- Problem to solve: Taking the data below, please print only the lines from the line holding "Type IFC Predefined" to the line holding "proxy geometry, Generic", inclusive, with pictures omitted.

══ Supplied data ══

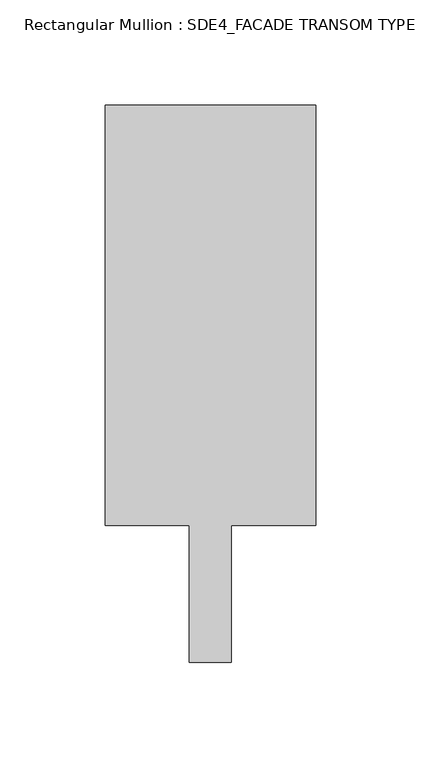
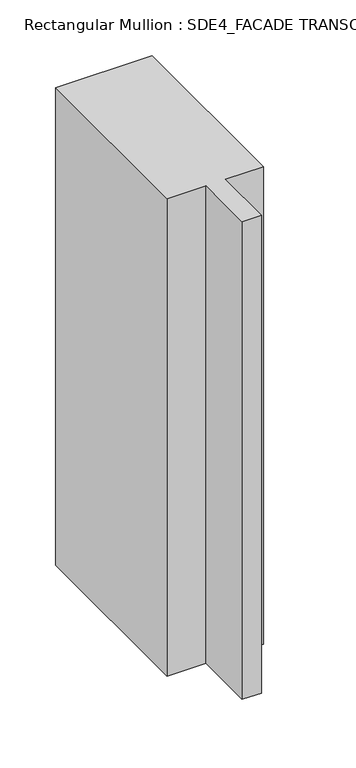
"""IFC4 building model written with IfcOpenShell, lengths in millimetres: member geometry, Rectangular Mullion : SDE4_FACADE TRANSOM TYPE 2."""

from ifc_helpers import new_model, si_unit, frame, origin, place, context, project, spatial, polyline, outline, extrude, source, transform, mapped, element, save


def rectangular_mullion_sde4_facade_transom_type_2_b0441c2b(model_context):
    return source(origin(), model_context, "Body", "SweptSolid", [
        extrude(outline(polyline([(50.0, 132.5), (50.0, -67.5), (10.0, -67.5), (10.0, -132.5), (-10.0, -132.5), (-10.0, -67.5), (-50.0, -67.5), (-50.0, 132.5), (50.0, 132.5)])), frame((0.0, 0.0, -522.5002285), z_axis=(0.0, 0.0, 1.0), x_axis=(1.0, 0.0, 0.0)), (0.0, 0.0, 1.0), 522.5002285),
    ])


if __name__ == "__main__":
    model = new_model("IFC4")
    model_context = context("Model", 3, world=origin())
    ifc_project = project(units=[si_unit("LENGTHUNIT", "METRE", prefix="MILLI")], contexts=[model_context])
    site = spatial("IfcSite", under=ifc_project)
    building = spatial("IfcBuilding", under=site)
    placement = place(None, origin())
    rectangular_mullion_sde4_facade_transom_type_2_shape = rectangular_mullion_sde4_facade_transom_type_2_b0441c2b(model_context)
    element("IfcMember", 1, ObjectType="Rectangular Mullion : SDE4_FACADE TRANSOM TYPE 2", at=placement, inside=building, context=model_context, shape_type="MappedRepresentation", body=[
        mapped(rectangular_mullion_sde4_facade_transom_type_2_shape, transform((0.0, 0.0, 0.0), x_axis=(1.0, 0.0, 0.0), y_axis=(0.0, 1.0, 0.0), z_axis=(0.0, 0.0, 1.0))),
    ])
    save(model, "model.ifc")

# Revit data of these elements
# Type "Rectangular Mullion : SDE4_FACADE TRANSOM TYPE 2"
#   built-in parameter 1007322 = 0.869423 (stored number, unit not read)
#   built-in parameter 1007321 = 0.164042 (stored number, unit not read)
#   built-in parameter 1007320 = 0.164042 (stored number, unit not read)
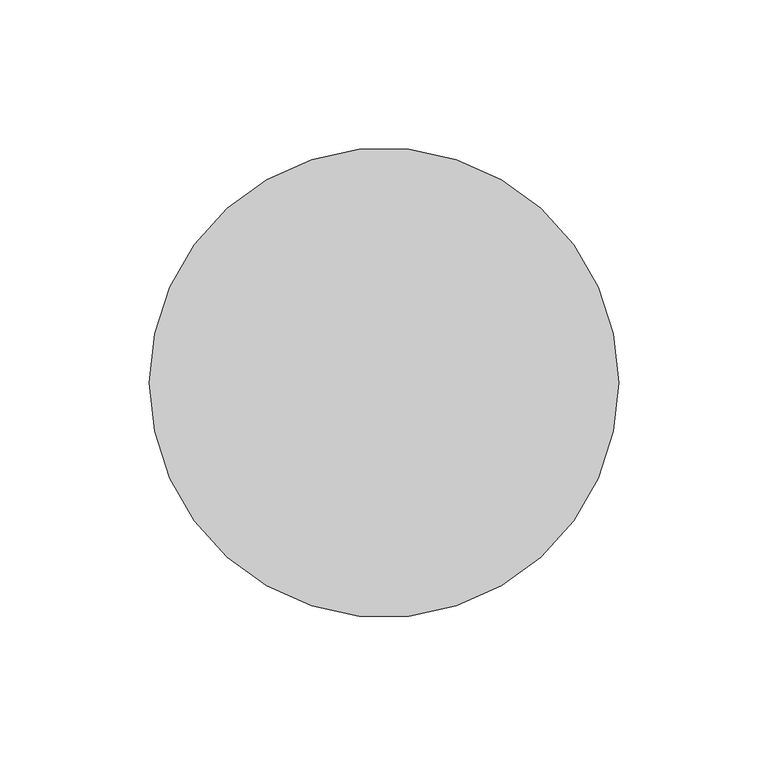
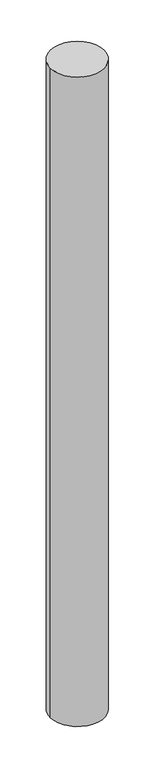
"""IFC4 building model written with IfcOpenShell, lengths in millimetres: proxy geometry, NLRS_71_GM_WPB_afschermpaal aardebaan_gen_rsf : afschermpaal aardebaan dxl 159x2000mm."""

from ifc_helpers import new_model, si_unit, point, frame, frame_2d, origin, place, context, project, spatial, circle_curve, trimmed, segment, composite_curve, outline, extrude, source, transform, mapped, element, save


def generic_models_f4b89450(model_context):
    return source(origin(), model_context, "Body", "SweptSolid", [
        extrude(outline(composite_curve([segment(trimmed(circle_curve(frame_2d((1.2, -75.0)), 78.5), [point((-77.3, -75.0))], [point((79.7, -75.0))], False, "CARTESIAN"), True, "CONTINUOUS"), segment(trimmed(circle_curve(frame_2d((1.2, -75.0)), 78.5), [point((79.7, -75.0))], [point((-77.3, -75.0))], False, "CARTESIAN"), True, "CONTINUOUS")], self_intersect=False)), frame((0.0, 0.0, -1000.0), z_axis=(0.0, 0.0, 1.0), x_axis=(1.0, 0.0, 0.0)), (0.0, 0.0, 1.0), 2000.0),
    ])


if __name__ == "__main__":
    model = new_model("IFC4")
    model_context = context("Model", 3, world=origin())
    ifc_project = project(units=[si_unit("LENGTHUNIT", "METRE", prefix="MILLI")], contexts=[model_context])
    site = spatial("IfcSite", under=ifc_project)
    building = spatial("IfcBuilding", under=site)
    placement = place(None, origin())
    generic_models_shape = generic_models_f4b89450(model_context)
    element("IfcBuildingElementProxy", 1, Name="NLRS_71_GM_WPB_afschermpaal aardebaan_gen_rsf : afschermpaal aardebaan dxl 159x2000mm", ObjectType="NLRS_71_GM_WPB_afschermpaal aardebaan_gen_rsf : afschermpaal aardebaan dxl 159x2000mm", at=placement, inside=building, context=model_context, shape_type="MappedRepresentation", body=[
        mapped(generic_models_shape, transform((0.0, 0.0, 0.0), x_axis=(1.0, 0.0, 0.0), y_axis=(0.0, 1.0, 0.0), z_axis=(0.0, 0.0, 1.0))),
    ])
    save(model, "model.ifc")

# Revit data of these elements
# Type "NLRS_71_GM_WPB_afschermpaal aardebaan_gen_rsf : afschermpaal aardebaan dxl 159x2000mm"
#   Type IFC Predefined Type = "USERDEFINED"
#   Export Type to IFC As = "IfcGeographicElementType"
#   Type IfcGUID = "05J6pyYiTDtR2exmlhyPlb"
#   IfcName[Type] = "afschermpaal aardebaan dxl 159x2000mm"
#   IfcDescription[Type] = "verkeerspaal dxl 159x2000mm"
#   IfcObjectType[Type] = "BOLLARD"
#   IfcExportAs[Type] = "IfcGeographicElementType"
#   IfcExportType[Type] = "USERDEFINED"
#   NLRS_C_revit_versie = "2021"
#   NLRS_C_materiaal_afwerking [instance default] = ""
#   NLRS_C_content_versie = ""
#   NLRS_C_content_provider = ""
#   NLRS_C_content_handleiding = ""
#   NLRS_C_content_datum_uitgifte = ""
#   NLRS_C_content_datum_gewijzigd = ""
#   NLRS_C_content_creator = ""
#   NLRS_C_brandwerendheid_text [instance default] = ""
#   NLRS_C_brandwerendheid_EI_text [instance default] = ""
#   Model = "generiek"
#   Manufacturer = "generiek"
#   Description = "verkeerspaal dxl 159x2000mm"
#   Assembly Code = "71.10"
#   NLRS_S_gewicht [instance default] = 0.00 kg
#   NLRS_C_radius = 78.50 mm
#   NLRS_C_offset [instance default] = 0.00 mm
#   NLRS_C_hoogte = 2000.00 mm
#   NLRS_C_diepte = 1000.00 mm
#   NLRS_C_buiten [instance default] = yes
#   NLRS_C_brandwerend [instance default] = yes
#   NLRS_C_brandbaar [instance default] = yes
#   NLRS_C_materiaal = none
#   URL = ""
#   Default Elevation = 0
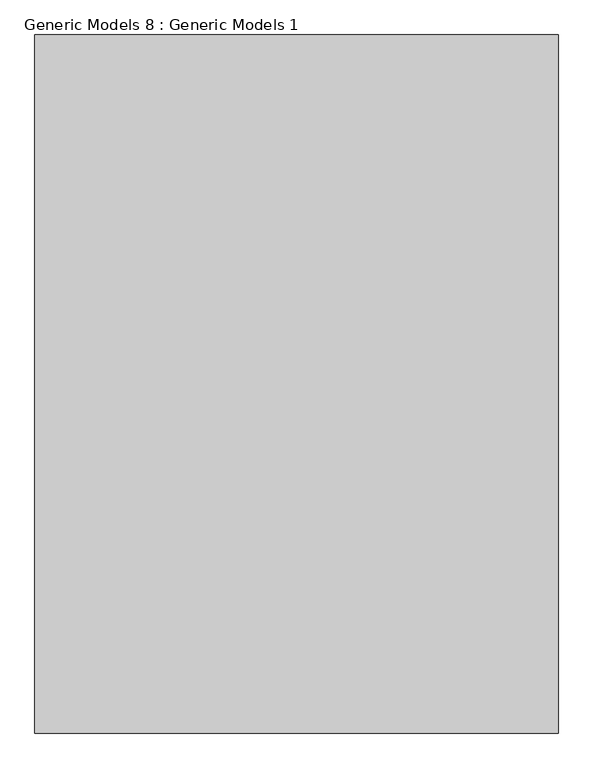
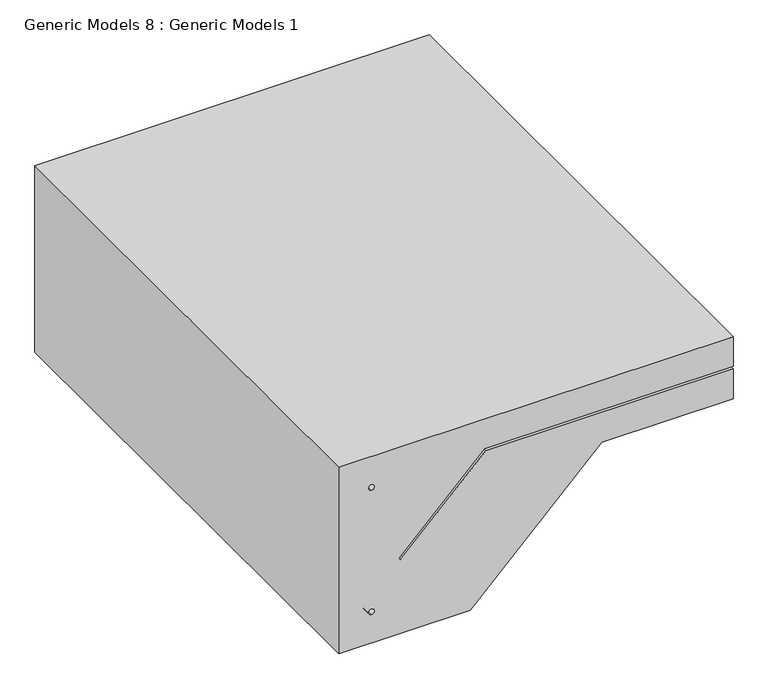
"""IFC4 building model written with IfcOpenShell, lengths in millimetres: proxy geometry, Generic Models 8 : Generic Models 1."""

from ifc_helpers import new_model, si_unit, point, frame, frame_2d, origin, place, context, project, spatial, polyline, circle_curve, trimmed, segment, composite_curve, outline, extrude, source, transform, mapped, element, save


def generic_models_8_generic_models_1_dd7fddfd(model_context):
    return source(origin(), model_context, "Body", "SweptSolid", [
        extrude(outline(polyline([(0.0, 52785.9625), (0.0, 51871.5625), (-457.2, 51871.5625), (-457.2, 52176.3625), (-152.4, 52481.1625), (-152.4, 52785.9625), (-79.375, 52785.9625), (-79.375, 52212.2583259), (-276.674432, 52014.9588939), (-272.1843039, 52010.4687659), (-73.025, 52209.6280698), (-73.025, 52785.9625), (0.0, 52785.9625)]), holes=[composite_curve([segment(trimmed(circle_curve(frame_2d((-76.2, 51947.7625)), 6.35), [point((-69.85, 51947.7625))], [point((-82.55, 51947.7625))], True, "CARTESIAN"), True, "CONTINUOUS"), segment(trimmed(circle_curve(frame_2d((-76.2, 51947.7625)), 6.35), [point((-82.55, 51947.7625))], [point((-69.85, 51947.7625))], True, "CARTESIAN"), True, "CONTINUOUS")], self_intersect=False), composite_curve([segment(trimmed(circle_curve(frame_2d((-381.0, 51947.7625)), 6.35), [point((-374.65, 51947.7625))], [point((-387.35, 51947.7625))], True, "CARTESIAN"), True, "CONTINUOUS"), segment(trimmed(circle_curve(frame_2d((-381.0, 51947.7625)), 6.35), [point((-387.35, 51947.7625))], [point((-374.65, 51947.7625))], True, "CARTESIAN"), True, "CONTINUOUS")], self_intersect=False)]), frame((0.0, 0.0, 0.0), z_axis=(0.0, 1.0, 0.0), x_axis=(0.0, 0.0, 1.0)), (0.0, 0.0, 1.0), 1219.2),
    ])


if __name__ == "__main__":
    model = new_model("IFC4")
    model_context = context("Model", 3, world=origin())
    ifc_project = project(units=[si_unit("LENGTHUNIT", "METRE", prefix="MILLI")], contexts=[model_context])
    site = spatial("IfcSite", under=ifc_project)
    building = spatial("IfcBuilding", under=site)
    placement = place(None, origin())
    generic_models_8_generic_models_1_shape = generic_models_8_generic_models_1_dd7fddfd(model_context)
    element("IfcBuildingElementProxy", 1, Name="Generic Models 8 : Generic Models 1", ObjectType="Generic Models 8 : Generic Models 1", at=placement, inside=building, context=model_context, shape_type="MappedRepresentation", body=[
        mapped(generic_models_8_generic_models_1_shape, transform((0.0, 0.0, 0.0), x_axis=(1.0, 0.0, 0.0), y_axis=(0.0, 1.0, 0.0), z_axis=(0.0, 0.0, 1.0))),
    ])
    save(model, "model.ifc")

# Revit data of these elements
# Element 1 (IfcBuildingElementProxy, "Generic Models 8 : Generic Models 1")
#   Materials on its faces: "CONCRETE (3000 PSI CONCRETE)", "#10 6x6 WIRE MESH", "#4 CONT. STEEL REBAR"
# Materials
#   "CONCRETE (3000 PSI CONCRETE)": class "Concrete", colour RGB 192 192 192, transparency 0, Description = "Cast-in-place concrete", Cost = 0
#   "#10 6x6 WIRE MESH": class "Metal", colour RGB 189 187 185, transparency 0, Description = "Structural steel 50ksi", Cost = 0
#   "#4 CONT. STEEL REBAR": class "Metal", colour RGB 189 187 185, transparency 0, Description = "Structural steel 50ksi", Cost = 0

═══

- Task result:
#   Type IFC Predefined Type = "USERDEFINED"
#   Export Type to IFC As = "IfcGeographicElementType"
#   Type IfcGUID = "05J6pyYiTDtR2exmlhyPlb"
#   IfcName[Type] = "afschermpaal aardebaan dxl 159x2000mm"
#   IfcDescription[Type] = "verkeerspaal dxl 159x2000mm"
#   IfcObjectType[Type] = "BOLLARD"
#   IfcExportAs[Type] = "IfcGeographicElementType"
#   IfcExportType[Type] = "USERDEFINED"
#   NLRS_C_revit_versie = "2021"
#   NLRS_C_materiaal_afwerking [instance default] = ""
#   NLRS_C_content_versie = ""
#   NLRS_C_content_provider = ""
#   NLRS_C_content_handleiding = ""
#   NLRS_C_content_datum_uitgifte = ""
#   NLRS_C_content_datum_gewijzigd = ""
#   NLRS_C_content_creator = ""
#   NLRS_C_brandwerendheid_text [instance default] = ""
#   NLRS_C_brandwerendheid_EI_text [instance default] = ""
#   Model = "generiek"
#   Manufacturer = "generiek"
#   Description = "verkeerspaal dxl 159x2000mm"
#   Assembly Code = "71.10"
#   NLRS_S_gewicht [instance default] = 0.00 kg
#   NLRS_C_radius = 78.50 mm
#   NLRS_C_offset [instance default] = 0.00 mm
#   NLRS_C_hoogte = 2000.00 mm
#   NLRS_C_diepte = 1000.00 mm
#   NLRS_C_buiten [instance default] = yes
#   NLRS_C_brandwerend [instance default] = yes
#   NLRS_C_brandbaar [instance default] = yes
#   NLRS_C_materiaal = none
#   URL = ""
#   Default Elevation = 0
"""IFC4 building model written with IfcOpenShell, lengths in millimetres: proxy geometry, Generic Models 8 : Generic Models 1."""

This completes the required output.